## PROBLEM TO WORK ON
The answer is one number. Say how many lines in the entries below include the word "ezdxf".

---------- RECORDS FOR THE TASK

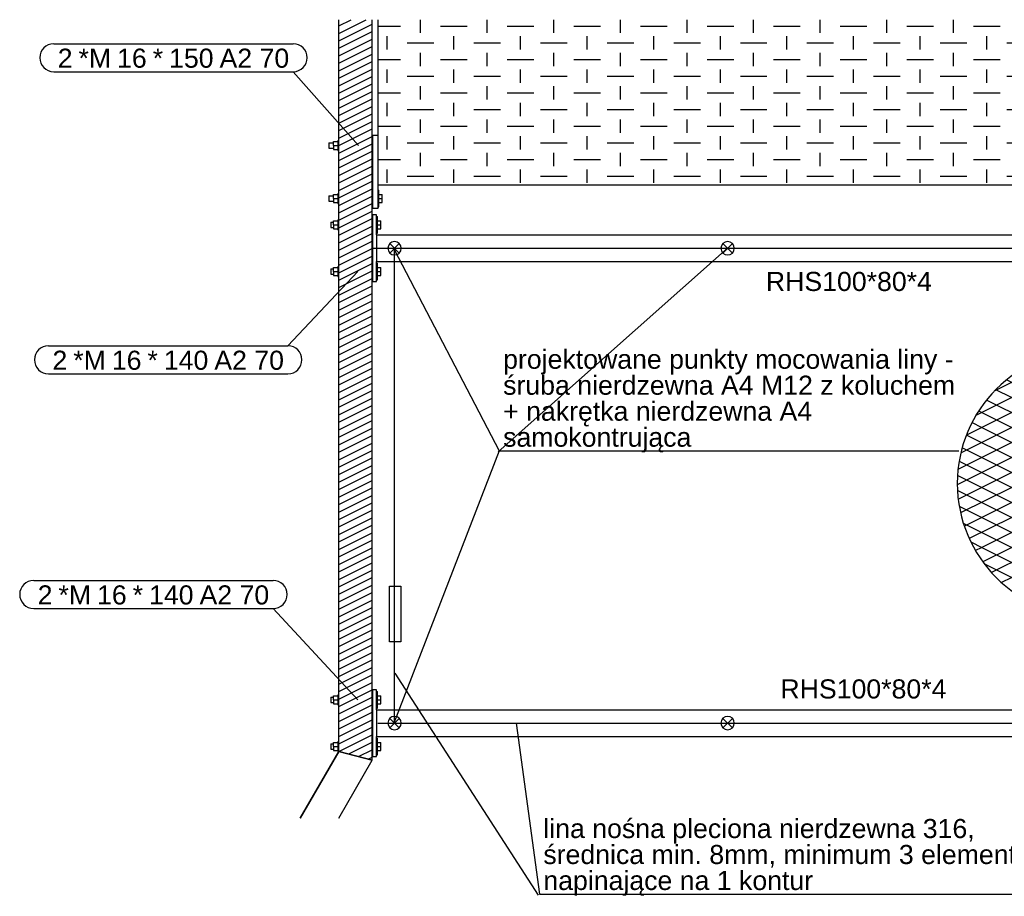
# Model space of a CAD drawing. Header units: millimetres. Extents: x 30 to 140409, y 21 to 10629.
# Tile 35 of 37: x 124268 to 127225, y 332 to 2963. Entities that reach past the tile are written whole.
import ezdxf

# ---------------------------------------------------------------- set-up
doc = ezdxf.new("R2010")
doc.units = ezdxf.units.MM
doc.styles.add('Arial', font='ARIAL.TTF', dxfattribs={"height": 0.2})

# ---------------------------------------------------------------- blocks, each defined once
blk = doc.blocks.new('Part-24930 - 13547')
at = {"color": 7}
for p, q in [((125343.9, 2615.7), (125327.9, 2615.7)), ((125327.9, 2615.7), (125327.9, 2395.7)), ((125327.9, 2395.7), (125327.9, 2615.7)), ((125343.9, 2466.7), (125343.9, 2395.7)), ((125343.9, 2395.7), (125327.9, 2395.7))]:
    blk.add_line(p, q, dxfattribs=at)
blk = doc.blocks.new('Part-13559 - 13547')
h = blk.add_hatch()
h.set_pattern_fill('', color=96, scale=20, style=0, pattern_type=0)
h.set_pattern_definition([(26.565, (125226.933, 766.664), (-22.45064, 11.22532), [])])
h.paths.add_polyline_path([(125226.9, 2962.8), (125226.9, 766.7), (125326.9, 739.8), (125326.9, 2962.8)])
at = {"color": 96}
for p, q in [((125226.9, 766.6), (125226.9, 2962.8)), ((125226.9, 766.7), (125226.9, 2962.8)), ((125326.9, 739.8), (125326.9, 2962.8)), ((125326.9, 739.8), (125226.9, 766.6))]:
    blk.add_line(p, q, dxfattribs=at)
blk = doc.blocks.new('Part-13642 - 13547')
at = {"color": 7}
for p, q in [((125339.9, 2316.7), (125339.9, 2236.7)), ((125339.9, 2316.7), (128236.9, 2316.7)), ((128236.9, 2316.7), (128236.9, 2236.7)), ((125339.9, 2236.7), (128236.9, 2236.7))]:
    blk.add_line(p, q, dxfattribs=at)
blk = doc.blocks.new('Bolt-24915 - 13547')
at = {"color": 136}
for p, q in [((125339.9, 2371.7), (125342.9, 2371.7)), ((125342.9, 2368.3), (125342.9, 2371.7)), ((125342.9, 2359.2), (125342.9, 2368.3)), ((125202.9, 2354.7), (125202.9, 2353.6)), ((125202.9, 2354.7), (125210.9, 2354.7)), ((125202.9, 2353.6), (125202.9, 2350.7)), ((125202.9, 2350.7), (125202.9, 2346.7)), ((125202.9, 2346.7), (125202.9, 2342.7)), ((125202.9, 2342.7), (125202.9, 2339.7)), ((125202.9, 2339.7), (125202.9, 2338.7)), ((125202.9, 2338.7), (125210.9, 2338.7)), ((125210.9, 2346.7), (125210.9, 2358.7)), ((125210.9, 2358.7), (125223.9, 2358.7)), ((125210.9, 2346.7), (125210.9, 2334.7)), ((125210.9, 2346.7), (125223.9, 2346.7)), ((125223.9, 2361.7), (125223.9, 2359.7)), ((125223.9, 2361.7), (125226.9, 2361.7)), ((125223.9, 2359.7), (125223.9, 2354.2)), ((125223.9, 2354.2), (125223.9, 2346.7)), ((125223.9, 2346.7), (125223.9, 2339.2)), ((125223.9, 2339.2), (125223.9, 2333.7)), ((125326.9, 2354.7), (125327.9, 2354.7)), ((125326.9, 2338.7), (125327.9, 2338.7)), ((125342.9, 2346.7), (125342.9, 2359.2)), ((125342.9, 2358.7), (125352.9, 2358.7)), ((125342.9, 2334.2), (125342.9, 2346.7)), ((125342.9, 2346.7), (125352.9, 2346.7)), ((125352.9, 2346.7), (125352.9, 2358.7)), ((125352.9, 2334.7), (125352.9, 2346.7)), ((125210.9, 2334.7), (125223.9, 2334.7)), ((125223.9, 2333.7), (125223.9, 2331.7)), ((125223.9, 2331.7), (125226.9, 2331.7)), ((125339.9, 2321.7), (125342.9, 2321.7)), ((125342.9, 2334.7), (125352.9, 2334.7)), ((125342.9, 2325), (125342.9, 2334.2)), ((125342.9, 2321.7), (125342.9, 2325)), ((125210.9, 2206.7), (125210.9, 2218.7)), ((125210.9, 2218.7), (125223.9, 2218.7)), ((125223.9, 2221.7), (125223.9, 2219.7)), ((125223.9, 2221.7), (125226.9, 2221.7)), ((125223.9, 2219.7), (125223.9, 2214.2)), ((125339.9, 2231.7), (125342.9, 2231.7)), ((125342.9, 2228.3), (125342.9, 2231.7)), ((125342.9, 2219.2), (125342.9, 2228.3)), ((125342.9, 2206.7), (125342.9, 2219.2)), ((125342.9, 2218.7), (125352.9, 2218.7)), ((125352.9, 2206.7), (125352.9, 2218.7)), ((125202.9, 2214.7), (125202.9, 2213.6)), ((125202.9, 2214.7), (125210.9, 2214.7)), ((125202.9, 2213.6), (125202.9, 2210.7)), ((125202.9, 2210.7), (125202.9, 2206.7)), ((125202.9, 2206.7), (125202.9, 2202.7)), ((125202.9, 2202.7), (125202.9, 2199.7)), ((125202.9, 2199.7), (125202.9, 2198.7)), ((125202.9, 2198.7), (125210.9, 2198.7)), ((125210.9, 2206.7), (125210.9, 2194.7)), ((125210.9, 2206.7), (125223.9, 2206.7)), ((125210.9, 2194.7), (125223.9, 2194.7)), ((125223.9, 2214.2), (125223.9, 2206.7)), ((125223.9, 2206.7), (125223.9, 2199.2)), ((125223.9, 2199.2), (125223.9, 2193.7)), ((125223.9, 2193.7), (125223.9, 2191.7)), ((125223.9, 2191.7), (125226.9, 2191.7)), ((125326.9, 2214.7), (125327.9, 2214.7)), ((125326.9, 2198.7), (125327.9, 2198.7)), ((125342.9, 2194.2), (125342.9, 2206.7)), ((125342.9, 2206.7), (125352.9, 2206.7)), ((125342.9, 2194.7), (125352.9, 2194.7)), ((125342.9, 2185), (125342.9, 2194.2)), ((125352.9, 2194.7), (125352.9, 2206.7)), ((125339.9, 2181.7), (125342.9, 2181.7)), ((125342.9, 2181.7), (125342.9, 2185))]:
    blk.add_line(p, q, dxfattribs=at)
blk = doc.blocks.new('Part-21640 - 13547')
h = blk.add_hatch()
h.set_pattern_fill('', style=0, pattern_type=0)
h.set_pattern_definition([(0, (127331.93, 3042.84), (0, 100), [80, -120]), (90, (127471.93, 3022.84), (-200, 1e-14), [40, -60]), (90, (127371.93, 2972.84), (-200, 1e-14), [40, -60]), (0, (127431.93, 2992.84), (0, 100), [80, -120])])
h.paths.add_polyline_path([(127331.9, 2466.7), (127331.9, 2962.8), (125343.9, 2962.8), (125343.9, 2466.7)])
at = {"color": 7}
for p, q in [((125343.9, 2962.8), (125343.9, 2466.7)), ((127331.9, 2466.7), (127331.9, 2962.8)), ((125343.9, 2466.7), (127331.9, 2466.7))]:
    blk.add_line(p, q, dxfattribs=at)
blk = doc.blocks.new('Part-24898 - 13547')
at = {"color": 7}
for p, q in [((125339.9, 891.7), (125339.9, 811.7)), ((125339.9, 891.7), (128236.9, 891.7)), ((128236.9, 891.7), (128236.9, 811.7)), ((125339.9, 811.7), (128236.9, 811.7))]:
    blk.add_line(p, q, dxfattribs=at)
blk = doc.blocks.new('Part-24914 - 13547')
at = {"color": 7}
for p, q in [((125339.9, 2376.7), (125327.9, 2376.7)), ((125327.9, 2376.7), (125327.9, 2176.7)), ((125327.9, 2176.7), (125327.9, 2376.7)), ((125339.9, 2316.7), (125339.9, 2376.7)), ((125339.9, 2176.7), (125339.9, 2236.7)), ((125327.9, 2176.7), (125339.9, 2176.7))]:
    blk.add_line(p, q, dxfattribs=at)
blk = doc.blocks.new('Part-24917 - 13547')
at = {"color": 7}
for p, q in [((125327.1, 1051.5), (125326.9, 1051.5)), ((125327.1, 951.5), (125327.1, 1051.5)), ((125326.9, 951.5), (125327.1, 951.5))]:
    blk.add_line(p, q, dxfattribs=at)
blk = doc.blocks.new('Part-24918 - 13547')
at = {"color": 7}
for p, q in [((125327.1, 2556.6), (125326.9, 2556.6)), ((125327.1, 2456.6), (125327.1, 2556.6)), ((125326.9, 2456.6), (125327.1, 2456.6))]:
    blk.add_line(p, q, dxfattribs=at)
blk = doc.blocks.new('Bolt-24931 - 13547')
at = {"color": 136}
for p, q in [((125196.9, 2593.7), (125196.9, 2592.6)), ((125196.9, 2593.7), (125210.9, 2593.7)), ((125196.9, 2592.6), (125196.9, 2589.7)), ((125196.9, 2589.7), (125196.9, 2585.7)), ((125196.9, 2585.7), (125196.9, 2581.7)), ((125196.9, 2581.7), (125196.9, 2578.7)), ((125196.9, 2578.7), (125196.9, 2577.7)), ((125196.9, 2577.7), (125210.9, 2577.7)), ((125210.9, 2585.7), (125210.9, 2597.7)), ((125210.9, 2597.7), (125223.9, 2597.7)), ((125210.9, 2585.7), (125210.9, 2573.7)), ((125210.9, 2585.7), (125223.9, 2585.7)), ((125210.9, 2573.7), (125223.9, 2573.7)), ((125223.9, 2600.7), (125223.9, 2598.7)), ((125223.9, 2600.7), (125226.9, 2600.7)), ((125223.9, 2598.7), (125223.9, 2593.2)), ((125223.9, 2593.2), (125223.9, 2585.7)), ((125223.9, 2585.7), (125223.9, 2578.2)), ((125223.9, 2578.2), (125223.9, 2572.7)), ((125223.9, 2572.7), (125223.9, 2570.7)), ((125326.9, 2593.7), (125327.9, 2593.7)), ((125326.9, 2577.7), (125327.9, 2577.7)), ((125223.9, 2570.7), (125226.9, 2570.7)), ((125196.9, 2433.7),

--------------------

## YOUR RESPONSE
3